Hazret-i Ömer halife olunca, kendisine maaş tayin ettiler. Lâkin Hazret-i Ömer “Bu ücret fazla” dedi. Kabul etmedi.

Yarıya indirdiler.
Kabul etti.
Daha sonra artırmak istedilerse de, bunu ona söylemek yürek isterdi. İki sahabi bunu göze alıp giderken Hazret-i Osman onları görüp sordu:
“Böyle nereye?”
“Halifeye gidiyoruz”
“Niçin?”
Maaşını artıralım diye teklif edeceğiz.”
“Bence gitmeyin. Çünkü kabul etmez. Üstelik de size kızar. Kızı Hafsa’ya söyletirseniz belki onu kırmaz” buyurdu.
Onlar “peki” dediler.
Ve geri döndüler.
Hazret-i Hafsa’ya durumu anlatıp “Bizim gönderdiğimizi söyleme” dediler. Hazret-i Hafsa babasına gidip bunu arz etti.
Ama korkulan oldu!
Hem kabul etmedi.
Hem de celallendi.
Ve Hazret-i Hafsa’ya “Seni bana kim gönderdi?” diye gürledi.
Hafsa, sesi titreyerek:
“Söyleyemem babacığım” dedi.
Hazret-i Ömer sordu:
“Peki Allah için söyle kızım.
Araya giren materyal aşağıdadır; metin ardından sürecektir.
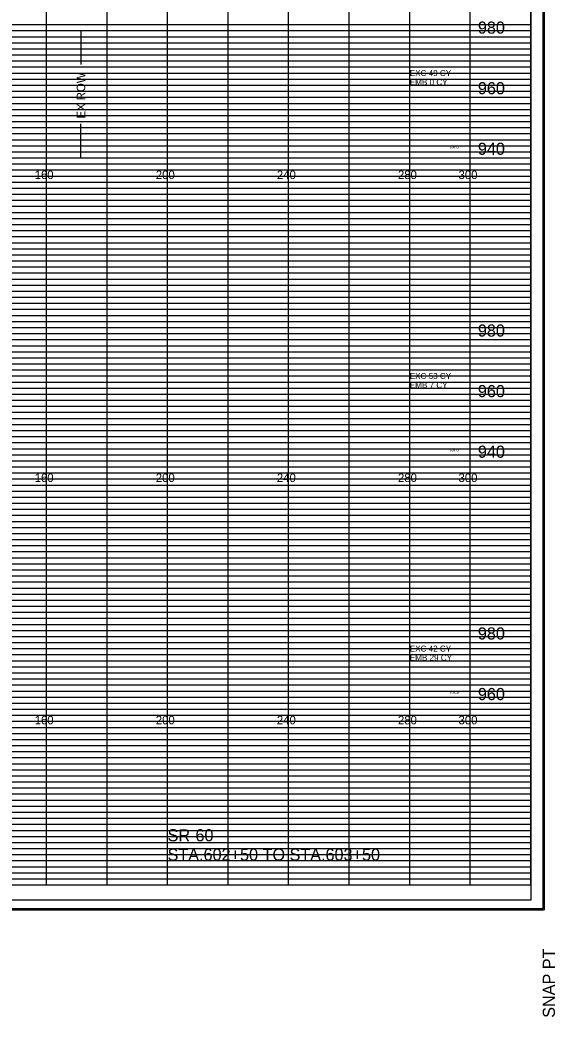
# Model space of a CAD drawing. Extents: x 2313580 to 2322968, y 282099 to 303247.
# Drawn here: x 2318934.9 to 2319111.7, y 287544 to 287873.2 of the extents above; entities that cross this region are included whole.
import ezdxf

# ---------------------------------------------------------------- set-up
doc = ezdxf.new("R2010")
doc.units = 0
for name, color, linetype in [('DESIGN - EARTHWORK - Excavation Limit Lines', 7, 'Continuous'), ('DESIGN - SHEET - Corner Text', 7, 'Continuous'), ('DESIGN - SHEET - Light Grid', 7, 'Continuous'), ('DESIGN - SHEET - Linework', 7, 'Continuous'), ('DESIGN - SHEET - Plot Shape', 7, 'Continuous'), ('DESIGN - TYPICAL - Text', 7, 'Continuous'), ('Prop_ CL text', 7, 'Continuous'), ('SURVEY - PROPERTY - ROW Lines Text', 7, 'Continuous')]:
    doc.layers.add(name, color=color, linetype=linetype)

msp = doc.modelspace()

# ---------------------------------------------------------------- linework, layer by layer
at = {"layer": 'DESIGN - SHEET - Light Grid'}
for p, q in [((2318783.68, 287871.67), (2318943.68, 287871.67)), ((2318783.68, 287869.67), (2318943.68, 287869.67)), ((2318943.68, 287871.67), (2319103.68, 287871.67)), ((2318943.68, 287869.67), (2319103.68, 287869.67)), ((2318783.68, 287865.67), (2318943.68, 287865.67)), ((2318783.68, 287863.67), (2318943.68, 287863.67)), ((2318943.68, 287865.67), (2319103.68, 287865.67)), ((2318943.68, 287863.67), (2319103.68, 287863.67)), ((2318783.68, 287861.67), (2318943.68, 287861.67)), ((2318783.68, 287859.67), (2318943.68, 287859.67)), ((2318943.68, 287861.67), (2319103.68, 287861.67)), ((2318943.68, 287859.67), (2319103.68, 287859.67)), ((2318783.68, 287857.67), (2318943.68, 287857.67)), ((2318943.68, 287857.67), (2319103.68, 287857.67)), ((2318783.68, 287855.67), (2318943.68, 287855.67)), ((2318783.68, 287853.67), (2318943.68, 287853.67)), ((2318943.68, 287855.67), (2319103.68, 287855.67)), ((2318943.68, 287853.67), (2319103.68, 287853.67)), ((2318783.68, 287851.67), (2318943.68, 287851.67)), ((2318783.68, 287849.67), (2318943.68, 287849.67)), ((2318943.68, 287851.67), (2319103.68, 287851.67)), ((2318943.68, 287849.67), (2319103.68, 287849.67)), ((2318783.68, 287845.67), (2318943.68, 287845.67)), ((2318783.68, 287843.67), (2318943.68, 287843.67)), ((2318943.68, 287845.67), (2319103.68, 287845.67)), ((2318943.68, 287843.67), (2319103.68, 287843.67)), ((2318783.68, 287841.67), (2318943.68, 287841.67)), ((2318943.68, 287841.67), (2319103.68, 287841.67)), ((2318783.68, 287839.67), (2318943.68, 287839.67)), ((2318783.68, 287837.67), (2318943.68, 287837.67)), ((2318943.68, 287839.67), (2319103.68, 287839.67)), ((2318943.68, 287837.67), (2319103.68, 287837.67)), ((2318783.68, 287835.67), (2318943.68, 287835.67)), ((2318783.68, 287833.67), (2318943.68, 287833.67)), ((2318943.68, 287835.67), (2319103.68, 287835.67)), ((2318943.68, 287833.67), (2319103.68, 287833.67)), ((2318783.68, 287831.67), (2318943.68, 287831.67)), ((2318943.68, 287831.67), (2319103.68, 287831.67)), ((2318783.68, 287829.67), (2318943.68, 287829.67)), ((2318943.68, 287829.67), (2319103.68, 287829.67)), ((2318783.68, 287825.67), (2318943.68, 287825.67)), ((2318783.68, 287823.67), (2318943.68, 287823.67)), ((2318943.68, 287825.67), (2319103.68, 287825.67)), ((2318943.68, 287823.67), (2319103.68, 287823.67)), ((2318783.68, 287821.67), (2318943.68, 287821.67)), ((2318943.68, 287821.67), (2319103.68, 287821.67)), ((2318783.68, 287819.67), (2318943.68, 287819.67)), ((2318783.68, 287817.67), (2318943.68, 287817.67)), ((2318943.68, 287819.67), (2319103.68, 287819.67)), ((2318943.68, 287817.67), (2319103.68, 287817.67)), ((2318783.68, 287815.67), (2318943.68, 287815.67)), ((2318783.68, 287813.67), (2318943.68, 287813.67)), ((2318943.68, 287815.67), (2319103.68, 287815.67)), ((2318943.68, 287813.67), (2319103.68, 287813.67)), ((2318783.68, 287811.67), (2318943.68, 287811.67)), ((2318943.68, 287811.67), (2319103.68, 287811.67)), ((2318783.68, 287809.67), (2318943.68, 287809.67)), ((2318943.68, 287809.67), (2319103.68, 287809.67)), ((2318783.68, 287805.67), (2318943.68, 287805.67)), ((2318783.68, 287803.67), (2318943.68, 287803.67)), ((2318943.68, 287805.67), (2319103.68, 287805.67)), ((2318943.68, 287803.67), (2319103.68, 287803.67)), ((2318783.68, 287801.67), (2318943.68, 287801.67)), ((2318943.68, 287801.67), (2319103.68, 287801.67)), ((2318783.68, 287799.67), (2318943.68, 287799.67)), ((2318783.68, 287797.67), (2318943.68, 287797.67)), ((2318943.68, 287799.67), (2319103.68, 287799.67)), ((2318943.68, 287797.67), (2319103.68, 287797.67)), ((2318783.68, 287795.67), (2318943.68, 287795.67)), ((2318783.68, 287793.67), (2318943.68, 287793.67)), ((2318943.68, 287795.67), (2319103.68, 287795.67)), ((2318943.68, 287793.67), (2319103.68, 287793.67)), ((2318783.68, 287791.67), (2318943.68, 287791.67)), ((2318943.68, 287791.67), (2319103.68, 287791.67)), ((2318783.68, 287789.67), (2318943.68, 287789.67)), ((2318943.68, 287789.67), (2319103.68, 287789.67)), ((2318783.68, 287785.67), (2318943.68, 287785.67)), ((2318943.68, 287785.67), (2319103.68, 287785.67)), ((2318783.68, 287783.67), (2318943.68, 287783.67)), ((2318783.68, 287781.67), (2318943.68, 287781.67)), ((2318943.68, 287783.67), (2319103.68, 287783.67)), ((2318943.68, 287781.67), (2319103.68, 287781.67)), ((2318783.68, 287779.67), (2318943.68, 287779.67)), ((2318783.68, 287777.67), (2318943.68, 287777.67)), ((2318943.68, 287779.67), (2319103.68, 287779.67)), ((2318943.68, 287777.67), (2319103.68, 287777.67)), ((2318783.68, 287775.67), (2318943.68, 287775.67)), ((2318943.68, 287775.67), (2319103.68, 287775.67)), ((2318783.68, 287773.67), (2318943.68, 287773.67)), ((2318783.68, 287771.67), (2318943.68, 287771.67)), ((2318943.68, 287773.67), (2319103.68, 287773.67)), ((2318943.68, 287771.67), (2319103.68, 287771.67)), ((2318783.68, 287769.67), (2318943.68, 287769.67)), ((2318943.68, 287769.67), (2319103.68, 287769.67)), ((2318783.68, 287765.67), (2318943.68, 287765.67)), ((2318943.68, 287765.67), (2319103.68, 287765.67)), ((2318783.68, 287763.67), (2318943.68, 287763.67)), ((2318783.68, 287761.67), (2318943.68, 287761.67)), ((2318943.68, 287763.67), (2319103.68, 287763.67)), ((2318943.68, 287761.67), (2319103.68, 287761.67)), ((2318783.68, 287759.67), (2318943.68, 287759.67)), ((2318783.68, 287757.67), (2318943.68, 287757.67)), ((2318943.68, 287759.67), (2319103.68, 287759.67)), ((2318943.68, 287757.67), (2319103.68, 287757.67)), ((2318783.68, 287755.67), (2318943.68, 287755.67)), ((2318943.68, 287755.67), (2319103.68, 287755.67)), ((2318783.68, 287753.67), (2318943.68, 287753.67)), ((2318783.68, 287751.67), (2318943.68, 287751.67)), ((2318943.68, 287753.67), (2319103.68, 287753.67)), ((2318943.68, 287751.67), (2319103.68, 287751.67)), ((2318783.68, 287749.67), (2318943.68, 287749.67)), ((2318943.68, 287749.67), (2319103.68, 287749.67)), ((2318783.68, 287745.67), (2318943.68, 287745.67)), ((2318943.68, 287745.67), (2319103.68, 287745.67)), ((2318783.68, 287743.67), (2318943.68, 287743.67)), ((2318783.68, 287741.67), (2318943.68, 287741.67)), ((2318943.68, 287743.67), (2319103.68, 287743.67)), ((2318943.68, 287741.67), (2319103.68, 287741.67)), ((2318783.68, 287739.67), (2318943.68, 287739.67)), ((2318783.68, 287737.67), (2318943.68, 287737.67)), ((2318943.68, 287739.67), (2319103.68, 287739.67)), ((2318943.68, 287737.67), (2319103.68, 287737.67)), ((2318783.68, 287735.67), (2318943.68, 287735.67)), ((2318943.68, 287735.67), (2319103.68, 287735.67)), ((2318783.68, 287733.67), (2318943.68, 287733.67)), ((2318783.68, 287731.67), (2318943.68, 287731.67)), ((2318943.68, 287733.67), (2319103.68, 287733.67)), ((2318943.68, 287731.67), (2319103.68, 287731.67)), ((2318783.68, 287729.67), (2318943.68, 287729.67)), ((2318943.68, 287729.67), (2319103.68, 287729.67)), ((2318783.68, 287725.67), (2318943.68, 287725.67)), ((2318943.68, 287725.67), (2319103.68, 287725.67)), ((2318783.68, 287723.67), (2318943.68, 287723.67)), ((2318783.68, 287721.67), (2318943.68, 287721.67)), ((2318943.68, 287723.67), (2319103.68, 287723.67)), ((2318943.68, 287721.67), (2319103.68, 287721.67)), ((2318783.68, 287719.67), (2318943.68, 287719.67)), ((2318943.68, 287719.67), (2319103.68, 287719.67)), ((2318783.68, 287717.67), (2318943.68, 287717.67)), ((2318783.68, 287715.67), (2318943.68, 287715.67)), ((2318943.68, 287717.67), (2319103.68, 287717.67)), ((2318943.68, 287715.67), (2319103.68, 287715.67)), ((2318783.68, 287713.67), (2318943.68, 287713.67)), ((2318783.68, 287711.67), (2318943.68, 287711.67)), ((2318943.68, 287713.67), (2319103.68, 287713.67)), ((2318943.68, 287711.67), (2319103.68, 287711.67)), ((2318783.68, 287709.67), (2318943.68, 287709.67)), ((2318943.68, 287709.67), (2319103.68, 287709.67)), ((2318783.68, 287705.67), (2318943.68, 287705.67)), ((2318943.68, 287705.67), (2319103.68, 287705.67)), ((2318783.68, 287703.67), (2318943.68, 287703.67)), ((2318783.68, 287701.67), (2318943.68, 287701.67)), ((2318943.68, 287703.67), (2319103.68, 287703.67)), ((2318943.68, 287701.67), (2319103.68, 287701.67)), ((2318783.68, 287699.67), (2318943.68, 287699.67)), ((2318943.68, 287699.67), (2319103.68, 287699.67)), ((2318783.68, 287697.67), (2318943.68, 287697.67)), ((2318783.68, 287695.67), (2318943.68, 287695.67)), ((2318943.68, 287697.67), (2319103.68, 287697.67)), ((2318943.68, 287695.67), (2319103.68, 287695.67)), ((2318783.68, 287693.67), (2318943.68, 287693.67)), ((2318783.68, 287691.67), (2318943.68, 287691.67)), ((2318943.68, 287693.67), (2319103.68, 287693.67)), ((2318943.68, 287691.67), (2319103.68, 287691.67)), ((2318783.68, 287689.67), (2318943.68, 287689.67)), ((2318943.68, 287689.67), (2319103.68, 287689.67)), ((2318783.68, 287685.67), (2318943.68, 287685.67)), ((2318943.68, 287685.67), (2319103.68, 287685.67)), ((2318783.68, 287683.67), (2318943.68, 287683.67)), ((2318943.68, 287683.67), (2319103.68, 287683.67)), ((2318783.68, 287681.67), (2318943.68, 287681.67)), ((2318783.68, 287679.67), (2318943.68, 287679.67)), ((2318943.68, 287681.67), (2319103.68, 287681.67)), ((2318943.68, 287679.67), (2319103.68, 287679.67)), ((2318783.68, 287677.67), (2318943.68, 287677.67)), ((2318783.68, 287675.67), (2318943.68, 287675.67)), ((2318943.68, 287677.67), (2319103.68, 287677.67)), ((2318943.68, 287675.67), (2319103.68, 287675.67)), ((2318783.68, 287673.67), (2318943.68, 287673.67)), ((2318943.68, 287673.67), (2319103.68, 287673.67)), ((2318783.68, 287671.67), (2318943.68, 287671.67)), ((2318783.68, 287669.67), (2318943.68, 287669.67)), ((2318943.68, 287671.67), (2319103.68, 287671.67)), ((2318943.68, 287669.67), (2319103.68, 287669.67)), ((2318783.68, 287665.67), (2318943.68, 287665.67)), ((2318943.68, 287665.67), (2319103.68, 287665.67)), ((2318783.68, 287663.67), (2318943.68, 287663.67)), ((2318943.68, 287663.67), (2319103.68, 287663.67)), ((2318783.68, 287661.67), (2318943.68, 287661.67)), ((2318783.68, 287659.67), (2318943.68, 287659.67)), ((2318943.68, 287661.67), (2319103.68, 287661.67)), ((2318943.68, 287659.67), (2319103.68, 287659.67)), ((2318783.68, 287657.67), (2318943.68, 287657.67)), ((2318783.68, 287655.67), (2318943.68, 287655.67)), ((2318943.68, 287657.67), (2319103.68, 287657.67)), ((2318943.68, 287655.67), (2319103.68, 287655.67)), ((2318783.68, 287653.67), (2318943.68, 287653.67)), ((2318943.68, 287653.67), (2319103.68, 287653.67)), ((2318783.68, 287651.67), (2318943.68, 287651.67)), ((2318783.68, 287649.67), (2318943.68, 287649.67)), ((2318943.68, 287651.67), (2319103.68, 287651.67)), ((2318943.68, 287649.67), (2319103.68, 287649.67)), ((2318783.68, 287645.67), (2318943.68, 287645.67)), ((2318943.68, 287645.67), (2319103.68, 287645.67)), ((2318783.68, 287643.67), (2318943.68, 287643.67)), ((2318943.68, 287643.67), (2319103.68, 287643.67)), ((2318783.68, 287641.67), (2318943.68, 287641.67)), ((2318783.68, 287639.67), (2318943.68, 287639.67)), ((2318943.68, 287641.67), (2319103.68, 287641.67)), ((2318943.68, 287639.67), (2319103.68, 287639.67)), ((2318783.68, 287637.67), (2318943.68, 287637.67)), ((2318783.68, 287635.67), (2318943.68, 287635.67)), ((2318943.68, 287637.67), (2319103.68, 287637.67)), ((2318943.68, 287635.67), (2319103.68, 287635.67)), ((2318783.68, 287633.67), (2318943.68, 287633.67)), ((2318943.68, 287633.67), (2319103.68, 287633.67)), ((2318783.68, 287631.67), (2318943.68, 287631.67)), ((2318783.68, 287629.67), (2318943.68, 287629.67)), ((2318943.68, 287631.67), (2319103.68, 287631.67)), ((2318943.68, 287629.67), (2319103.68, 287629.67)), ((2318783.68, 287625.67), (2318943.68, 287625.67)), ((2318783.68, 287623.67), (2318943.68, 287623.67)), ((2318943.68, 287625.67), (2319103.68, 287625.67)), ((2318943.68, 287623.67), (2319103.68, 287623.67)), ((2318783.68, 287621.67), (2318943.68, 287621.67)), ((2318783.68, 287619.67), (2318943.68, 287619.67)), ((2318943.68, 287621.67), (2319103.68, 287621.67)), ((2318943.68, 287619.67), (2319103.68, 287619.67)), ((2318783.68, 287617.67), (2318943.68, 287617.67)), ((2318943.68, 287617.67), (2319103.68, 287617.67)), ((2318783.68, 287615.67), (2318943.68, 287615.67)), ((2318783.68, 287613.67), (2318943.68, 287613.67)), ((2318943.68, 287615.67), (2319103.68, 287615.67)), ((2318943.68, 287613.67), (2319103.68, 287613.67)), ((2318783.68, 287611.67), (2318943.68, 287611.67)), ((2318783.68, 287609.67), (2318943.68, 287609.67)), ((2318943.68, 287611.67), (2319103.68, 287611.67)), ((2318943.68, 287609.67), (2319103.68, 287609.67)), ((2318783.68, 287605.67), (2318943.68, 287605.67)), ((2318783.68, 287603.67), (2318943.68, 287603.67)), ((2318943.68, 287605.67), (2319103.68, 287605.67)), ((2318943.68, 287603.67), (2319103.68, 287603.67)), ((2318783.68, 287601.67), (2318943.68, 287601.67)), ((2318783.68, 287599.67), (2318943.68, 287599.67)), ((2318943.68, 287601.67), (2319103.68, 287601.67)), ((2318943.68, 287599.67), (2319103.68, 287599.67)), ((2318783.68, 287597.67), (2318943.68, 287597.67)), ((2318943.68, 287597.67), (2319103.68, 287597.67)), ((2318783.68, 287595.67), (2318943.68, 287595.67)), ((2318783.68, 287593.67), (2318943.68, 287593.67)), ((2318943.68, 287595.67), (2319103.68, 287595.67)), ((2318943.68, 287593.67), (2319103.68, 287593.67)), ((2318783.68, 287591.67), (2318943.68, 287591.67)), ((2318783.68, 287589.67), (2318943.68, 287589.67)), ((2318943.68, 287591.67), (2319103.68, 287591.67)), ((2318943.68, 287589.67), (2319103.68, 287589.67))]:
    msp.add_line(p, q, dxfattribs=at)
at = {"layer": 'DESIGN - SHEET - Linework'}
for p, q in [((2319108.02, 288015.95), (2319108.02, 287579.39)), ((2318943.68, 287587.67), (2318943.68, 288007.67)), ((2318963.68, 287587.67), (2318963.68, 288007.67)), ((2318983.68, 287587.67), (2318983.68, 288007.67)), ((2319003.68, 287587.67), (2319003.68, 288007.67)), ((2319023.68, 287587.67), (2319023.68, 287987.67)), ((2319043.68, 287587.67), (2319043.68, 287987.67)), ((2319063.68, 287587.67), (2319063.68, 287987.67)), ((2319083.68, 287587.67), (2319083.68, 287987.67)), ((2318463.68, 287867.67), (2319103.68, 287867.67)), ((2318463.68, 287847.67), (2319103.68, 287847.67)), ((2318463.68, 287827.67), (2319103.68, 287827.67)), ((2318463.68, 287807.67), (2319103.68, 287807.67)), ((2318463.68, 287787.67), (2319103.68, 287787.67)), ((2318463.68, 287767.67), (2319103.68, 287767.67)), ((2318463.68, 287747.67), (2319103.68, 287747.67)), ((2318463.68, 287727.67), (2319103.68, 287727.67)), ((2318463.68, 287707.67), (2319103.68, 287707.67)), ((2318463.68, 287687.67), (2319103.68, 287687.67)), ((2318463.68, 287667.67), (2319103.68, 287667.67)), ((2318463.68, 287647.67), (2319103.68, 287647.67)), ((2318463.68, 287627.67), (2319103.68, 287627.67)), ((2318463.68, 287607.67), (2319103.68, 287607.67)), ((2318427.22, 287579.39), (2319108.02, 287579.39))]:
    msp.add_line(p, q, dxfattribs=at)
msp.add_lwpolyline([(2318463.68, 288007.67), (2318463.68, 287587.67), (2319103.68, 287587.67), (2319103.68, 288007.67), (2318463.68, 288007.67)], dxfattribs=at)
at = {"layer": 'DESIGN - SHEET - Plot Shape'}
for points in [[(2318427.62, 288015.55), (2319107.62, 288015.55), (2319107.62, 287579.79), (2318427.62, 287579.79)], [(2318446.68, 288007.67), (2319103.68, 288007.67), (2319103.68, 287582.67), (2318446.68, 287582.67)]]:
    msp.add_lwpolyline(points, close=True, dxfattribs=at)
at = {"layer": 'SURVEY - PROPERTY - ROW Lines Text'}
for p, q in [((2318955.07, 287869.67), (2318955.07, 287858.47)), ((2318955.07, 287827.67), (2318955.07, 287838.87))]:
    msp.add_line(p, q, dxfattribs=at)

# ---------------------------------------------------------------- texts
at = {"layer": 'DESIGN - EARTHWORK - Excavation Limit Lines'}
for s, p in [('EXC 49 CY', (2319063.68, 287854.67)), ('EMB 0 CY', (2319063.68, 287851.67)), ('EXC 53 CY', (2319063.68, 287754.67)), ('EMB 7 CY', (2319063.68, 287751.67)), ('EXC 42 CY', (2319063.68, 287664.67)), ('EMB 29 CY', (2319063.68, 287661.67))]:
    msp.add_text(s, height=2, dxfattribs=at).set_placement(p)
at = {"layer": 'DESIGN - SHEET - Corner Text'}
msp.add_text('SNAP PT  ', height=4, rotation=90, dxfattribs=at).set_placement((2319111.62, 287543.79))
at = {"layer": 'DESIGN - TYPICAL - Text'}
for s, height, p in [('980', 4, (2319086.18, 287868.67)), ('960', 4, (2319086.18, 287848.67)), ('940', 4, (2319086.18, 287828.67)), ('160', 2.8, (2318939.79, 287820.67)), ('200', 2.8, (2318979.79, 287820.67)), ('240', 2.8, (2319019.79, 287820.67)), ('280', 2.8, (2319059.79, 287820.67)), ('300', 2.8, (2319079.79, 287820.67)), ('980', 4, (2319086.18, 287768.67)), ('960', 4, (2319086.18, 287748.67)), ('940', 4, (2319086.18, 287728.67)), ('160', 2.8, (2318939.79, 287720.67)), ('200', 2.8, (2318979.79, 287720.67)), ('240', 2.8, (2319019.79, 287720.67)), ('280', 2.8, (2319059.79, 287720.67)), ('300', 2.8, (2319079.79, 287720.67)), ('980', 4, (2319086.18, 287668.67)), ('960', 4, (2319086.18, 287648.67)), ('160', 2.8, (2318939.79, 287640.67)), ('200', 2.8, (2318979.79, 287640.67)), ('240', 2.8, (2319019.79, 287640.67)), ('280', 2.8, (2319059.79, 287640.67)), ('300', 2.8, (2319079.79, 287640.67)), ('SR-60', 4, (2318983.68, 287602.05)), ('STA.602+50 TO STA.603+50', 4, (2318983.68, 287595.67))]:
    msp.add_text(s, height=height, dxfattribs=at).set_placement(p)
at = {"layer": 'Prop_ CL text'}
for s, p in [('FA:0', (2319076.92, 287830.67)), ('FA:0', (2319076.92, 287730.67)), ('FA:8', (2319076.99, 287650.67))]:
    msp.add_text(s, height=1, dxfattribs=at).set_placement(p)
at = {"layer": 'SURVEY - PROPERTY - ROW Lines Text'}
msp.add_text('EX ROW', height=2.8, rotation=90, dxfattribs=at).set_placement((2318956.47, 287840.67))

doc.saveas('drawing.dxf')

Efendimizin kaç elbisesi vardı?”
“Sadece iki kat”
“Yemeği neydi?”
“Arpa ekmeği”
“Yaygısı neydi?”
“Kaba kumaştan bir yaygımız vardı. Kışın yorganımızdı, yazın minderimiz.”
Hazret-i Ömer:
“Ey kızım! Resulullah’ın yaşayışı böyleyken, başka türlü yaşamak Ömer’e yakışır mı? Git söyle onlara. Bir daha böyle şeyler için seni bana göndermesinler!” buyurdu. (“Menâkıb-ı çihâr yâr-i güzîn” kitabından alınmıştır.)

Comments are closed.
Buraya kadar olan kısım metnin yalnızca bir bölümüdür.